Hi @Kaviana , You can connect Databricks Enterprise to an Oracle On-premise database using the cx_Oracle Python module.
- To Install Oracle Client libraries, follow these steps:
- Download the Oracle Instant Client Basic Light Package.
- Unzip the contents to a folder.
- Upload the Instant Client folder to a cluster.
- Copy the Instant Client folder to a system directory.
- Set the environment variables LD_LIBRARY_PATH and ORACLE_HOME.

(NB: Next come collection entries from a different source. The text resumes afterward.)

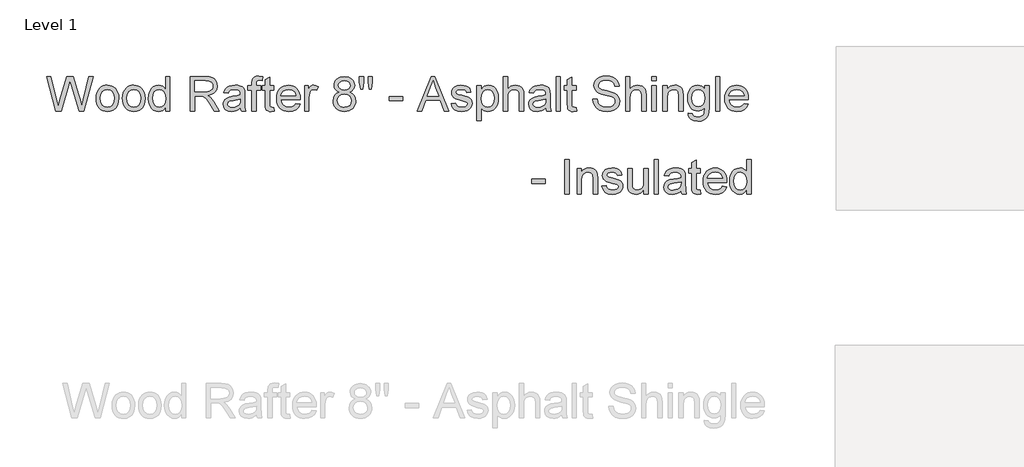
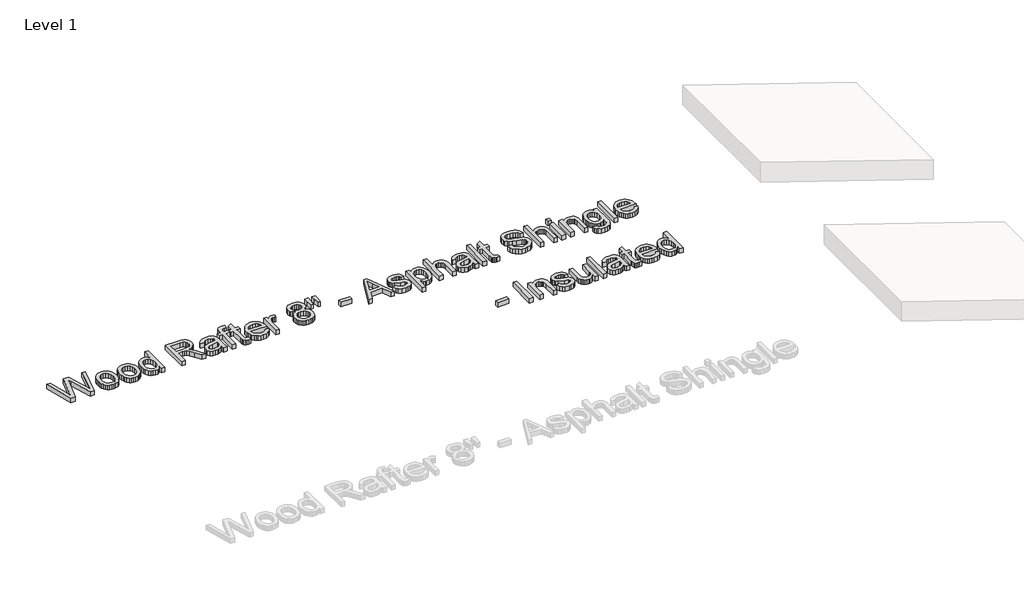
# One storey, part 9 of 42: 1 proxy.
"""IFC4 building model written with IfcOpenShell, lengths in millimetres."""

from ifc_helpers import new_model, si_unit, origin, origin_with_axes, place, context, project, spatial, polyline, outline, extrude, element, save

model = new_model("IFC4")

# Units and contexts
model_context = context("Model", 3, world=origin())
ifc_project = project(units=[si_unit("LENGTHUNIT", "METRE", prefix="MILLI")], contexts=[model_context])

# Site, building, storey
site = spatial("IfcSite", under=ifc_project)
building = spatial("IfcBuilding", under=site)
storey = spatial("IfcBuildingStorey", under=building, Name="Level 1", Elevation=0.0)

# Proxy
placement = place(None, origin())
element("IfcBuildingElementProxy", 1, Name="8\" Arial", ObjectType="8\" Arial", at=placement, inside=storey, context=model_context, shape_type="SweptSolid", body=[
    extrude(outline(polyline([(-8268.0994706, -5719.6737469), (-8351.1564638, -5415.1066528), (-8311.8958618, -5415.1066528), (-8263.7123957, -5615.2762371), (-8248.8409556, -5677.0670709), (-8232.9285147, -5622.4145284), (-8172.5504677, -5415.1066528), (-8115.964638, -5415.1066528), (-8072.0938895, -5565.3825554), (-8053.3001071, -5621.150456), (-8039.4510784, -5677.0670709), (-8025.0257815, -5617.0608099), (-7976.3961722, -5415.1066528), (-7937.1355703, -5415.1066528), (-8020.2669207, -5719.6737469), (-8060.9403094, -5719.6737469), (-8133.9590805, -5484.7049927), (-8144.146017, -5451.9134672), (-8155.5970259, -5491.3971407), (-8222.1467206, -5719.6737469), (-8268.0994706, -5719.6737469)])), origin_with_axes(), (0.0, 0.0, 1.0), 50.8),
    extrude(outline(polyline([(-7913.341266, -5607.840517), (-7911.2825011, -5578.87374), (-7905.1062061, -5553.9129572), (-7894.8123811, -5532.9581686), (-7880.4010261, -5516.0093742), (-7865.8920774, -5505.1764595), (-7849.8773953, -5497.4386633), (-7832.3569798, -5492.7959856), (-7813.3308311, -5491.2484263), (-7792.3272456, -5493.1329167), (-7773.3359518, -5498.7863876), (-7756.3569497, -5508.2088391), (-7741.3902394, -5521.4002712), (-7729.1747456, -5537.9145408), (-7720.4493928, -5557.3055045), (-7715.2141811, -5579.5731625), (-7713.4691106, -5604.7175146), (-7716.5549344, -5643.1787767), (-7725.8124059, -5672.4569245), (-7740.9719802, -5694.383004), (-7761.7641124, -5710.7880614), (-7786.4599977, -5721.0214712), (-7813.3308311, -5724.4326077), (-7834.6411401, -5722.5550884), (-7853.8090322, -5716.9225305), (-7870.8345075, -5707.5349339), (-7885.717566, -5694.3922987), (-7897.8029348, -5677.7176964), (-7906.435341, -5657.7341987), (-7911.6147848, -5634.4418056), (-7913.341266, -5607.840517)]), holes=[polyline([(-7875.2703793, -5607.7661598), (-7870.8647151, -5642.2214277), (-7857.6477227, -5666.7685986), (-7837.7571715, -5681.4634404), (-7813.3308311, -5686.361721), (-7789.0160265, -5681.4355564), (-7769.1626539, -5666.6570628), (-7755.9456615, -5641.7845792), (-7751.5399973, -5606.5764446), (-7755.9735454, -5573.124999), (-7769.2741897, -5548.9124355), (-7789.1554462, -5534.2175937), (-7813.3308311, -5529.3193131), (-7837.7571715, -5534.1990044), (-7857.6477227, -5548.8380783), (-7870.8647151, -5573.3294813), (-7875.2703793, -5607.7661598)])]), origin_with_axes(), (0.0, 0.0, 1.0), 50.8),
    extrude(outline(polyline([(-7680.1570847, -5607.840517), (-7678.0983197, -5578.87374), (-7671.9220247, -5553.9129572), (-7661.6281997, -5532.9581686), (-7647.2168447, -5516.0093742), (-7632.707896, -5505.1764595), (-7616.6932139, -5497.4386633), (-7599.1727984, -5492.7959856), (-7580.1466497, -5491.2484263), (-7559.1430642, -5493.1329167), (-7540.1517704, -5498.7863876), (-7523.1727683, -5508.2088391), (-7508.206058, -5521.4002712), (-7495.9905642, -5537.9145408), (-7487.2652114, -5557.3055045), (-7482.0299997, -5579.5731625), (-7480.2849292, -5604.7175146), (-7483.370753, -5643.1787767), (-7492.6282245, -5672.4569245), (-7507.7877988, -5694.383004), (-7528.579931, -5710.7880614), (-7553.2758163, -5721.0214712), (-7580.1466497, -5724.4326077), (-7601.4569587, -5722.5550884), (-7620.6248508, -5716.9225305), (-7637.6503261, -5707.5349339), (-7652.5333846, -5694.3922987), (-7664.6187534, -5677.7176964), (-7673.2511596, -5657.7341987), (-7678.4306034, -5634.4418056), (-7680.1570847, -5607.840517)]), holes=[polyline([(-7642.0861979, -5607.7661598), (-7637.6805338, -5642.2214277), (-7624.4635413, -5666.7685986), (-7604.5729901, -5681.4634404), (-7580.1466497, -5686.361721), (-7555.8318451, -5681.4355564), (-7535.9784725, -5666.6570628), (-7522.7614801, -5641.7845792), (-7518.3558159, -5606.5764446), (-7522.789364, -5573.124999), (-7536.0900083, -5548.9124355), (-7555.9712648, -5534.2175937), (-7580.1466497, -5529.3193131), (-7604.5729901, -5534.1990044), (-7624.4635413, -5548.8380783), (-7637.6805338, -5573.3294813), (-7642.0861979, -5607.7661598)])]), origin_with_axes(), (0.0, 0.0, 1.0), 50.8),
    extrude(outline(polyline([(-7299.4482171, -5719.6737469), (-7299.4482171, -5683.759219), (-7310.8388107, -5701.5538266), (-7324.6367188, -5714.2642605), (-7340.8419412, -5721.8905209), (-7359.454478, -5724.4326077), (-7384.0667115, -5720.7519263), (-7406.5969433, -5709.709882), (-7425.6695653, -5692.0779308), (-7439.9089692, -5668.6275286), (-7448.7760654, -5640.3067298), (-7451.7317641, -5608.0635886), (-7449.0084316, -5576.2201174), (-7440.8384342, -5547.4624701), (-7427.2310665, -5523.4265049), (-7408.1956231, -5505.7480805), (-7385.1727748, -5494.8733399), (-7359.6031924, -5491.2484263), (-7340.9767137, -5493.8416337), (-7324.5065937, -5501.6212558), (-7310.5460293, -5513.5462919), (-7299.4482171, -5528.5757411), (-7299.4482171, -5415.1066528), (-7261.3773303, -5415.1066528), (-7261.3773303, -5719.6737469), (-7299.4482171, -5719.6737469)]), holes=[polyline([(-7413.6608773, -5607.9148742), (-7409.366749, -5642.3515528), (-7396.484364, -5666.8429558), (-7377.7649387, -5681.4820297), (-7355.9596896, -5686.361721), (-7334.1637351, -5681.7051013), (-7315.918337, -5667.7352422), (-7303.5657471, -5644.1918935), (-7299.4482171, -5610.8148051), (-7303.6401043, -5574.3240088), (-7316.2157658, -5549.0239713), (-7334.9258965, -5534.2454777), (-7357.5211908, -5529.3193131), (-7379.5495115, -5534.05029), (-7397.599722, -5548.2432207), (-7409.6455885, -5572.6230879), (-7413.6608773, -5607.9148742)])]), origin_with_axes(), (0.0, 0.0, 1.0), 50.8),
    extrude(outline(polyline([(-7080.5406182, -5719.6737469), (-7080.5406182, -5415.1066528), (-6949.300159, -5415.1066528), (-6914.0269619, -5417.1607705), (-6888.364433, -5423.3231235), (-6869.6078291, -5434.6997752), (-6855.0524071, -5452.396789), (-6845.7112837, -5474.3414578), (-6842.597576, -5498.4610748), (-6847.7561068, -5528.4642053), (-6863.2316992, -5553.3366889), (-6874.9545766, -5563.4725049), (-6889.4890857, -5571.5727924), (-6926.9929988, -5581.6667824), (-6905.3550534, -5597.9510093), (-6874.4968151, -5637.1372541), (-6823.710847, -5719.6737469), (-6867.9533814, -5719.6737469), (-6907.5857694, -5656.5444835), (-6936.2132916, -5614.7557367), (-6956.3269144, -5595.0138999), (-6974.4328928, -5587.7640729), (-6996.5169814, -5586.4256432), (-7042.4697314, -5586.4256432), (-7042.4697314, -5719.6737469), (-7080.5406182, -5719.6737469)]), holes=[polyline([(-7042.4697314, -5548.3547565), (-6957.2563794, -5548.3547565), (-6932.7835658, -5547.0070322), (-6913.7945956, -5542.9638594), (-6899.4994238, -5535.9556933), (-6889.108005, -5525.7129889), (-6882.7783483, -5513.3232203), (-6880.6684627, -5499.8738616), (-6884.6930462, -5481.3031508), (-6896.7667967, -5466.3387641), (-6917.5403396, -5456.4678457), (-6947.6643006, -5453.1775396), (-7042.4697314, -5453.1775396), (-7042.4697314, -5548.3547565)])]), origin_with_axes(), (0.0, 0.0, 1.0), 50.8),
    extrude(outline(polyline([(-6637.9665596, -5691.1205818), (-6656.1561899, -5706.7170047), (-6674.8849098, -5716.9225305), (-6694.5802733, -5722.5550884), (-6715.6698344, -5724.4326077), (-6747.4854216, -5719.9154078), (-6770.9544131, -5706.363808), (-6785.4261833, -5685.7854527), (-6790.2501067, -5660.1879863), (-6788.4283553, -5644.4056705), (-6782.963101, -5630.0733201), (-6774.5328534, -5617.8043819), (-6763.8161218, -5608.212303), (-6737.1590654, -5595.7202933), (-6704.2188255, -5589.9947889), (-6665.2928309, -5583.9718556), (-6638.1896312, -5576.9079216), (-6637.9665596, -5568.4312007), (-6640.587651, -5551.4405803), (-6648.4509249, -5540.3241788), (-6666.0364029, -5532.0705295), (-6690.5371005, -5529.3193131), (-6713.2160467, -5531.1503592), (-6729.0541305, -5536.6434974), (-6739.8545139, -5546.8025499), (-6747.4203591, -5562.631339), (-6785.4912458, -5557.8724782), (-6778.8827496, -5537.052462), (-6769.0211259, -5520.6938778), (-6754.9862042, -5508.1832788), (-6735.8578144, -5498.907218), (-6712.4631801, -5493.1631243), (-6685.6295253, -5491.2484263), (-6659.8926392, -5492.9400527), (-6639.4908823, -5498.0149316), (-6624.1082364, -5505.6458393), (-6613.4286834, -5515.005552), (-6606.34616, -5526.5773913), (-6601.7546029, -5540.8446792), (-6599.8956729, -5574.1567051), (-6599.8956729, -5621.522242), (-6597.9623857, -5687.662972), (-6590.3779512, -5719.6737469), (-6628.4488379, -5719.6737469), (-6634.5461284, -5706.4381652), (-6637.9665596, -5691.1205818)]), holes=[polyline([(-6637.9665596, -5614.9788083), (-6699.3856074, -5626.6528888), (-6732.1399543, -5632.8245365), (-6746.9742159, -5642.8627586), (-6752.1792199, -5657.5111271), (-6749.3443516, -5668.8320109), (-6740.8397468, -5678.1080717), (-6726.8512984, -5684.2983087), (-6707.5648995, -5686.361721), (-6687.1166693, -5684.0845317), (-6669.0478695, -5677.2529639), (-6654.399501, -5667.1868579), (-6644.2125645, -5655.2060539), (-6639.6953646, -5642.8627586), (-6638.1896312, -5625.7606024), (-6637.9665596, -5614.9788083)])]), origin_with_axes(), (0.0, 0.0, 1.0), 50.8),
    extrude(outline(polyline([(-6538.0304819, -5719.6737469), (-6538.0304819, -5534.0781739), (-6571.3425078, -5534.0781739), (-6571.3425078, -5496.0072872), (-6538.0304819, -5496.0072872), (-6538.0304819, -5473.4770554), (-6534.0151931, -5441.7265307), (-6526.3564014, -5429.0672173), (-6514.5336065, -5419.0475845), (-6497.9891293, -5412.5227401), (-6476.1652909, -5410.347792), (-6441.4404782, -5414.5117952), (-6447.0172682, -5450.2032516), (-6468.9526424, -5448.4186787), (-6483.4244126, -5449.9987693), (-6492.9328397, -5454.7390408), (-6498.2029063, -5463.79203), (-6499.9595951, -5478.3102734), (-6499.9595951, -5496.0072872), (-6457.1298475, -5496.0072872), (-6457.1298475, -5534.0781739), (-6499.9595951, -5534.0781739), (-6499.9595951, -5719.6737469), (-6538.0304819, -5719.6737469)])), origin_with_axes(), (0.0, 0.0, 1.0), 50.8),
    extrude(outline(polyline([(-6342.9171873, -5687.9232222), (-6338.1583264, -5720.7891049), (-6366.6371343, -5724.4326077), (-6384.9104164, -5722.8525172), (-6398.5363734, -5718.1122457), (-6408.1656309, -5710.8066507), (-6414.4488143, -5701.5305899), (-6417.9064242, -5685.5995597), (-6419.0589608, -5658.3290563), (-6419.0589608, -5534.0781739), (-6447.6121258, -5534.0781739), (-6447.6121258, -5496.0072872), (-6419.0589608, -5496.0072872), (-6419.0589608, -5441.6521735), (-6380.988074, -5419.2706561), (-6380.988074, -5496.0072872), (-6342.9171873, -5496.0072872), (-6342.9171873, -5534.0781739), (-6380.988074, -5534.0781739), (-6380.988074, -5657.2136983), (-6378.9804296, -5676.8439993), (-6372.4741745, -5683.7963976), (-6359.498843, -5686.361721), (-6342.9171873, -5687.9232222)])), origin_with_axes(), (0.0, 0.0, 1.0), 50.8),
    extrude(outline(polyline([(-6148.2500358, -5653.0496951), (-6110.9227211, -5657.8085559), (-6124.3720798, -5685.9341671), (-6145.8334268, -5706.9586656), (-6174.8234404, -5720.0641222), (-6210.8587988, -5724.4326077), (-6234.481152, -5722.5481174), (-6255.5288871, -5716.8946465), (-6274.0020042, -5707.472195), (-6289.9005032, -5694.2807629), (-6302.6852944, -5677.6874888), (-6311.8172881, -5658.0595115), (-6317.2964843, -5635.3968309), (-6319.122883, -5609.6994471), (-6317.277895, -5583.1306898), (-6311.7429309, -5559.7128189), (-6302.5179907, -5539.4458344), (-6289.6030744, -5522.3297362), (-6273.7464013, -5508.7316632), (-6255.6961908, -5499.0187538), (-6235.4524429, -5493.1910082), (-6213.0151576, -5491.2484263), (-6191.3005314, -5493.1863609), (-6171.6632594, -5499.0001645), (-6154.1033417, -5508.6898372), (-6138.6207783, -5522.255379), (-6125.9823779, -5539.3342986), (-6116.954949, -5559.5641045), (-6111.5384916, -5582.9447968), (-6109.7330059, -5609.4763755), (-6109.9560775, -5619.7376692), (-6281.0519963, -5619.7376692), (-6274.4620894, -5648.2350663), (-6259.1538007, -5669.1852076), (-6237.0604174, -5682.0675926), (-6210.1152268, -5686.361721), (-6189.8528896, -5684.3726659), (-6172.7879121, -5678.4055005), (-6158.9202941, -5668.0884389), (-6148.2500358, -5653.0496951)]), holes=[polyline([(-6281.0519963, -5581.6667824), (-6147.8038926, -5581.6667824), (-6152.9531288, -5561.5531596), (-6163.0471188, -5547.1650413), (-6185.2427432, -5533.7807451), (-6213.163872, -5529.3193131), (-6238.8264009, -5532.8791641), (-6260.0460871, -5543.558717), (-6274.7966968, -5560.2054353), (-6281.0519963, -5581.6667824)])]), origin_with_axes(), (0.0, 0.0, 1.0), 50.8),
    extrude(outline(polyline([(-6071.6621191, -5719.6737469), (-6071.6621191, -5496.0072872), (-6038.3500932, -5496.0072872), (-6038.3500932, -5529.0962415), (-6026.0439765, -5509.9120837), (-6014.7045034, -5498.6097892), (-6003.3278517, -5493.0887671), (-5990.9101991, -5491.2484263), (-5971.949113, -5494.1855358), (-5952.690598, -5502.9968641), (-5965.4056793, -5537.1268192), (-5978.7899754, -5531.2711896), (-5992.1742716, -5529.3193131), (-6003.5416286, -5531.1968324), (-6013.7006812, -5536.8293904), (-6021.9078572, -5545.7894331), (-6027.4195847, -5557.6494066), (-6032.0483204, -5578.915566), (-6033.5912323, -5602.1150126), (-6033.5912323, -5719.6737469), (-6071.6621191, -5719.6737469)])), origin_with_axes(), (0.0, 0.0, 1.0), 50.8),
    extrude(outline(polyline([(-5763.9720226, -5551.9239021), (-5784.3551902, -5541.88568), (-5798.6596567, -5528.2783123), (-5807.1084937, -5511.3806384), (-5809.9247726, -5491.4714979), (-5808.3911554, -5475.944785), (-5803.7903036, -5461.7100284), (-5796.1222173, -5448.7672281), (-5785.3868964, -5437.1163842), (-5772.1001941, -5427.4871267), (-5756.7779634, -5420.6090857), (-5720.026917, -5415.1066528), (-5683.0527989, -5420.7392108), (-5667.5632646, -5427.7799082), (-5654.07208, -5437.6368846), (-5643.1415715, -5449.5154475), (-5635.3340654, -5462.6209041), (-5630.6495618, -5476.9532545), (-5629.0880605, -5492.5124988), (-5631.8671609, -5511.7803084), (-5640.204462, -5528.3898481), (-5654.1929104, -5541.913564), (-5673.9254526, -5551.9239021), (-5650.4936397, -5563.9976526), (-5633.4379568, -5581.7783182), (-5623.0372433, -5604.4107912), (-5619.5703388, -5631.0399637), (-5621.2898491, -5650.0289338), (-5626.4483799, -5667.4378134), (-5635.0459312, -5683.2666025), (-5647.0825031, -5697.5153011), (-5661.9260593, -5709.2916227), (-5678.9445636, -5717.7032811), (-5698.138016, -5722.7502761), (-5719.5064166, -5724.4326077), (-5740.8748171, -5722.7433051), (-5760.0682696, -5717.6753971), (-5777.0867739, -5709.2288839), (-5791.9303301, -5697.4037653), (-5803.9669019, -5683.0551492), (-5812.5644533, -5667.0381435), (-5817.7229841, -5649.352748), (-5819.4424943, -5629.9989629), (-5815.8361701, -5602.3380842), (-5805.0171974, -5579.5847808), (-5787.5432552, -5562.5198032), (-5763.9720226, -5551.9239021)]), holes=[polyline([(-5771.8538859, -5492.586856), (-5768.4799279, -5509.2056903), (-5758.358054, -5522.4784506), (-5741.7856928, -5531.1782431), (-5719.0602734, -5534.0781739), (-5696.864649, -5531.1968324), (-5680.5432434, -5522.5528078), (-5670.5050213, -5509.7261907), (-5667.1589473, -5494.2970716), (-5670.6165571, -5478.2823895), (-5680.9893866, -5465.0375131), (-5697.5338638, -5456.142533), (-5719.5064166, -5453.1775396), (-5741.6183891, -5456.0774704), (-5758.1349824, -5464.7772629), (-5768.42416, -5477.5295228), (-5771.8538859, -5492.586856)]), polyline([(-5781.3716076, -5628.6605332), (-5779.7822224, -5643.2252499), (-5775.0140669, -5657.3252341), (-5766.2120333, -5669.6220562), (-5752.5210137, -5678.7772865), (-5736.1252509, -5684.4656124), (-5719.2089878, -5686.361721), (-5693.2955033, -5682.3743161), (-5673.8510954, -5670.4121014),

- Install cx_Oracle from PyPI.
- Restart the cluster.
- Automate the steps using an init script.
Here is a template:
python
%python
dbutils.fs.put("dbfs:/databricks/<init-script-folder>/oracle_ctl.sh","""
#!/bin/bash
wget --quiet -O /tmp/instantclient-basiclite-linuxx64.zip https://download.oracle.com/otn_software/linux/instantclient/instantclient-basiclite-linuxx64.zip
unzip /tmp/instantclient-basiclite-linuxx64.zip -d /databricks/driver/oracle_ctl/
sudo echo 'export LD_LIBRARY_PATH="/databricks/driver/oracle_ctl/"' >> /databricks/spark/conf/spark-env.sh
sudo echo 'export ORACLE_HOME="/databricks/driver/oracle_ctl/"' >> /databricks/spark/conf/spark-env.sh
""", True)
- Configure the init script as a cluster-scoped init script.
- Install the cx_Oracle library as a cluster-installed library and restart your cluster.
- Permissions needed: "Can Attach To" permission to connect to the running cluster and "Can Restart" permission to trigger the cluster to start if its state is terminated.